Tension Bénin Niger : toumba exige des garanties à wadagni avant son investiture

Écrit par

dans

manifestation de supporters du coup d'État à Niamey, au Niger

Le général Mohamed Toumba, ministre nigérien de l’Intérieur, a récemment livré une longue interview de deux heures et demie sur les ondes de la télévision publique du Niger. Parmi les sujets abordés, les tensions persistantes entre Niamey et Cotonou occupent une place centrale, à l’approche de l’investiture de Romuald Wadagni, successeur de Patrice Talon à la présidence du Bénin.

Des accusations lourdes contre le Bénin et la France

Lors de cet entretien, le haut responsable de la junte nigérienne a exprimé des critiques acerbes envers les autorités béninoises et françaises. Mohamed Toumba a notamment affirmé que « Patrice Talon n’était pas le problème, le vrai problème, c’est Emmanuel Macron ». Selon lui, l’ancien président béninois aurait servi d’intermédiaire à la France, permettant à celle-ci de s’installer sur le territoire du Bénin pour mener des actions hostiles contre le Niger.

Le général a ainsi exigé de Romuald Wadagni des « gages de bonne volonté » avant même son installation officielle. Il a demandé au futur président béninois de « clarifier publiquement que le Bénin n’a aucun lien avec les intérêts français » et de « cesser de faciliter la présence française sur son sol, utilisée pour agresser ses voisins ».

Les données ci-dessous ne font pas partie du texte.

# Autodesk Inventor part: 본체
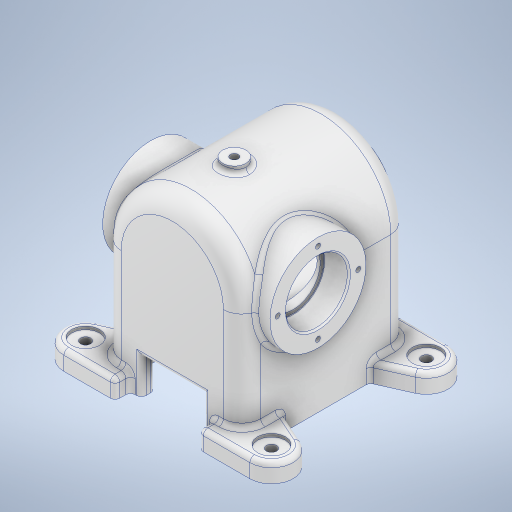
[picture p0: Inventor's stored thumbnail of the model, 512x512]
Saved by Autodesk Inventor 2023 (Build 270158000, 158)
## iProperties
Created: 2024-09
Part Number: 본체
Material: 알루미늄 6061
Document SubType Name: Modeling
Designer: home
Density: 2.7 g/cm^3
Appearance: 알루미늄 - 평지
Mass: 1473.92 g
Surface Area: 1119.68 cm^2
Volume: 545.898 cm^3
Author: home
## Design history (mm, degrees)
sketch "스케치1" dims "d2" = 90
  geometry: L1 (-45, 76)-(45, 76); L2 (45, 76)-(45, 0); L3 (45, 0)-(-45, 0); L4 (-45, 0)-(-45, 76); 6 further points
  constraints: 8 end point, 2 midpoint, 2 parallel, 1 coincident, 1 horizontal, 1 perpendicular, 3 other
  dimensions: "d0" = 90 distance of L2.end L3.end; "d7" = 121 distance from line of L3 point (0, 121); "d8" = 76 distance of L3.end L1.start
extrude "돌출1" new body sketch "스케치1" stored distance "d3" = 108; taper "d4" = 0 deg
sketch "스케치2"
  geometry: L1 (-45, 0)-(45, 0) reference; C1 r 28.5 at (0, 76); 1 further point
  constraints: 1 centre point
  dimensions: "d5" = 57 diameter of C1; "d6" = 76 distance from line of L1 C1.centre
extrude "돌출2" join sketch "스케치2" distance "d9" = 6; taper "d10" = 0 deg
node "작업 평면1"
sketch "스케치4"
  geometry: C1 r 16.5 at (0, 0); 1 further point
  constraints: 1 centre point, 1 vertical alignment
  dimensions: "d16" = 33 diameter of C1
extrude "돌출3" cut sketch "스케치4" distance "d17" = 15; taper "d18" = 0 deg
sketch "스케치6"
  geometry: L1 (27, 64)-(60, 64); L2 (65.693, 37.21)-(45, 28); L3 (45, 54)-(-45, 54) reference; L4 (45, 54)-(45, -54) reference; L5 (27, 64)-(27, 54); L6 (0, 54)-(0, 0); L7 (45, -54)-(45, 54) reference; A1 r 14 centre (60, 50) between (60, 64) and (65.693, 37.21); 3 further points
  constraints: 8 end point, 2 point on circle, 2 tangent, 2 vertical, 1 centre point, 1 coincident, 1 horizontal alignment, 1 midpoint, 1 vertical alignment
  dimensions: "d23" = 36 distance from line of L1 point (45, 28); "d25" = 18 distance from line of L4 L1.start; "d26" = 60 distance from line of L6 A1.centre; "d27" = 50 vertical distance of A1.centre L6.end; "d28" = 14 distance from line of L1 A1.centre
extrude "돌출5" join sketch "스케치6" distance "d29" = 12; taper "d30" = 0 deg
sketch "스케치7"
  geometry: L1 (-60, -64)-(-27, -64) reference; L2 (0, 66.899)-(0, -57.494); 2 further points
  constraints: 2 end point, 1 vertical
  dimensions: "d32" = 14 distance from line of L1 point (-60, -50); "d33" = 60 horizontal distance of point (-60, -50) L2.end
hole "구멍1" sketch "스케치7" at (-60, -50) diameter "d34" = 6.6; stored, may be unused: countersink angle "d38" = 90 deg, drill point angle "d40" = 0 deg; dims "d35" = 6, "d36" = 18, "d37" = 2, "d39" = 12
sketch "스케치8"
  geometry: L1 (-20, 23)-(20, 23); L2 (20, 23)-(20, 0); L3 (20, 0)-(-20, 0); L4 (-20, 0)-(-20, 23); L5 (-27, 0)-(27, 0) reference; 2 further points
  constraints: 8 end point, 2 midpoint, 2 parallel, 1 horizontal, 1 perpendicular
  dimensions: "d41" = 40 distance of L2.end L3.end; "d42" = 23 distance of L3.end L1.start
extrude "돌출6" cut sketch "스케치8" extent not by distance; stored distance "d43" = 0; taper "d44" = 0 deg
sketch "스케치9"
  geometry: L1 (-63, -19)-(9, -19); L2 (9, -19)-(9, -109); L3 (9, -109)-(-63, -109); L4 (-63, -109)-(-63, -19); L5 (-63, -19)-(9, -109); L6 (9, -19)-(-63, -109); L7 (18, -92)-(18, -36) reference; L8 (-55.5, -124)-(1.5, -124) reference; L9 (0, -118)-(-7, -118) reference; 1 further point
  constraints: 12 end point, 2 midpoint, 2 parallel, 1 horizontal, 1 perpendicular
  dimensions: "d45" = 9 distance between parallel lines of L7 L2; "d47" = 9 distance between parallel lines of L9 L3
extrude "돌출7" cut sketch "스케치9" distance "d48" = 31; taper "d49" = 0 deg
node "작업 평면2"
sketch "스케치10"
  geometry: L1 (-28.5, -60)-(28.5, -60) reference; C1 r 7.5 at (0, 14); 1 further point
  constraints: 1 centre point, 1 vertical alignment
  dimensions: "d51" = 74 distance from line of L1 C1.centre; "d52" = 15 diameter of C1
extrude "돌출8" join sketch "스케치10" distance "d53" = 7; taper "d54" = 0 deg
node "작업 평면3"
sketch "스케치11"
  geometry: 2 further points
hole "구멍2" sketch "스케치11" at (0, 0) diameter "d56" = 5.1881; stored, may be unused: countersink angle "d60" = 90 deg, drill point angle "d62" = 0 deg; dims "d57" = 12, "d58" = 18, "d59" = 2, "d61" = 8
fillet "모깎기2" dims "d63" = 3
sketch "스케치12" dims "d64" = 46
  geometry: 3 further points
  constraints: 1 vertical alignment, 2 other
hole "구멍3" sketch "스케치12" at (0, 23) diameter "d65" = 3.242; stored, may be unused: countersink angle "d69" = 90 deg, drill point angle "d71" = 118 deg; dims "d66" = 8, "d67" = 4, "d68" = 2, "d70" = 10
fillet "모깎기3" dims "d75" = 12
fillet "모깎기4" dims "d76" = 3
fillet "모깎기5" dims "d77" = 3
fillet "모깎기6" dims "d78" = 3
fillet "모깎기7" dims "d79" = 3
node "작업 평면4"
sketch "스케치13"
  geometry: L1 (54, -31)-(-54, -31); L2 (-54, -31)-(-54, 31); L3 (-54, 31)-(54, 31); L4 (54, 31)-(54, -31); L5 (54, -31)-(-54, 31); L6 (-54, -31)-(54, 31); L7 (-54, 0)-(54, 0); L8 (-60, -76)-(-74, -76) reference; 4 further points
  constraints: 14 end point, 5 midpoint, 2 parallel, 1 horizontal, 1 perpendicular, 1 vertical alignment
  dimensions: "d81" = 62 diameter of L3 L7; "d82" = 76 distance between parallel lines of L8 L7; "d83" = 108 distance of L2.end L3.end
revolve "회전2" sketch "스케치13" stored, may be unused: angle "d84" = 90 deg
sketch "스케치14"
  geometry: C1 r 20 at (0, 0); 1 further point
  constraints: 1 centre point
  dimensions: "d85" = 40 diameter of C1
extrude "돌출9" cut sketch "스케치14" distance "d86" = 16; taper "d87" = 0 deg
sketch "스케치15"
  geometry: C1 r 17.5 at (0, 0); 1 further point
  constraints: 1 centre point
  dimensions: "d88" = 35 diameter of C1
extrude "돌출10" cut sketch "스케치15" extent not by distance; stored distance "d89" = 0; taper "d90" = 0 deg
sketch "스케치16"
  geometry: C1 r 20 at (0, 0); 1 further point
  constraints: 1 centre point
  dimensions: "d91" = 40 diameter of C1
extrude "돌출11" cut sketch "스케치16" distance "d92" = 16; taper "d93" = 0 deg
fillet "모깎기8" dims "d94" = 0.3
sketch "스케치17" dims "d95" = 52
  geometry: 3 further points
  constraints: 1 vertical alignment, 2 other
hole "구멍4" sketch "스케치17" at (0, 26) diameter "d96" = 3.242; stored, may be unused: countersink angle "d100" = 90 deg, drill point angle "d102" = 118 deg; dims "d97" = 8, "d98" = 4, "d99" = 2, "d101" = 10
fillet "모깎기9" dims "d106" = 3
chamfer "모따기1" distance "d107" = 1; stored, may be unused: second distance "d108" = 2, angle "d109" = 45 deg
chamfer "모따기2" distance "d110" = 1; stored, may be unused: second distance "d111" = 2, angle "d112" = 45 deg
chamfer "모따기3" distance "d113" = 1; stored, may be unused: second distance "d114" = 2, angle "d115" = 45 deg
sketch "스케치18"
  geometry: L1 (-60, 0)-(-30, 0) reference; 2 further points
  constraints: 1 vertical alignment, 1 other
  dimensions: "d116" = 35 distance from line of L1 point (0, 35)
feature "엠보싱1" sketch "스케치18" dims "d117" = 0.5, "d118" = 0
sketch "스케치19"
  geometry: C1 r 36 at (0, 0); 1 further point
  constraints: 1 centre point
  dimensions: "d119" = 72 diameter of C1
extrude "돌출12" cut sketch "스케치19" distance "d120" = 90; taper "d121" = 0 deg
fillet "모깎기10" dims "d122" = 3
feature "̐耀̒耀̔耀̖耀̘耀̚耀̜耀̞耀" dims "d0" = 90, "d2" = 90, "d3" = 108, "d4" = 0, "d5" = 57, "d6" = 76, "d7" = 121, "d8" = 76, "d9" = 6, "d10" = 0, "d11" = -74, "d16" = 33, "d17" = 15, "d18" = 0, "d23" = 36, "d25" = 18, "d26" = 60, "d27" = 50, "d28" = 14, "d29" = 12, "d30" = 0, "d32" = 14, "d33" = 60, "d34" = 6.6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
feature "ԛ耀ԝ耀ԟ耀ԡ耀ԣ耀ԥ耀ԧ耀ԩ耀" dims "d0" = 90, "d2" = 90, "d3" = 108, "d4" = 0, "d5" = 57, "d6" = 76, "d7" = 121, "d8" = 76, "d9" = 6, "d10" = 0, "d11" = -74, "d16" = 33, "d17" = 15, "d18" = 0, "d23" = 36, "d25" = 18, "d26" = 60, "d27" = 50, "d28" = 14, "d29" = 12, "d30" = 0, "d32" = 14, "d33" = 60, "d34" = 6.6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
node "솔리드1"
mirror "미러1"
mirror "미러2"
mirror "미러3"
pattern_circular "원형 패턴1" dims angle "d73" = 360 deg
pattern_circular "원형 패턴2" dims angle "d104" = 360 deg
mirror "미러4"
feature "A9D066F2-1C7D-4E18-AEED-F7BC21143FA4" dims "d34" = 6.6, "d35" = 6, "d36" = 18, "d37" = 2, "d38" = 90 deg, "d39" = 12, "d40" = 0

Patrice Talon n’était pas le problème, le vrai problème, c’est Emmanuel Macron.

Une dégradation progressive des relations depuis le coup d’État

Les tensions entre le Bénin et le Niger ne sont pas nouvelles. Elles se sont intensifiées depuis le renversement du président élu Mohamed Bazoum par la junte militaire dirigée par le général Abdourahamane Tiani en juillet 2023. Plusieurs incidents ont marqué cette période, notamment l’attaque contre l’aéroport international de Niamey et la base militaire 101, où se trouve un contingent russe de l’Africa Corps.

Le général Tiani avait alors lancé un avertissement sans équivoque aux dirigeants français, ivoiriens et béninois, les accusant de soutenir des mercenaires responsables de cette attaque, revendiquée par l’État islamique. Ses déclarations avaient été suivies d’une escalade verbale, avec des propos menaçants envers ces pays.

Romuald Wadagni entre apaisement et prudence

Face à ces critiques, Romuald Wadagni, élu avec 94 % des voix lors de la présidentielle du 12 avril, a adopté un discours plus conciliant. Dans un entretien accordé à la presse, il a exprimé sa conviction que « les pays de la région doivent dialoguer pour surmonter leurs défis communs », évoquant notamment la sécurité, la pauvreté et le chômage des jeunes.

Il a également souligné l’importance d’une coopération sécuritaire renforcée avec le Niger et le Burkina Faso, tout en reconnaissant que les relations actuelles ne sont pas encore optimales. Malgré ces déclarations d’ouverture, les propos du général Toumba montrent que Niamey reste méfiant quant à l’évolution des relations bilatérales.

Alors que l’investiture de Romuald Wadagni est prévue pour le 24 mai, la question de savoir si le Bénin parviendra à rassurer le Niger et à apaiser les tensions reste entière.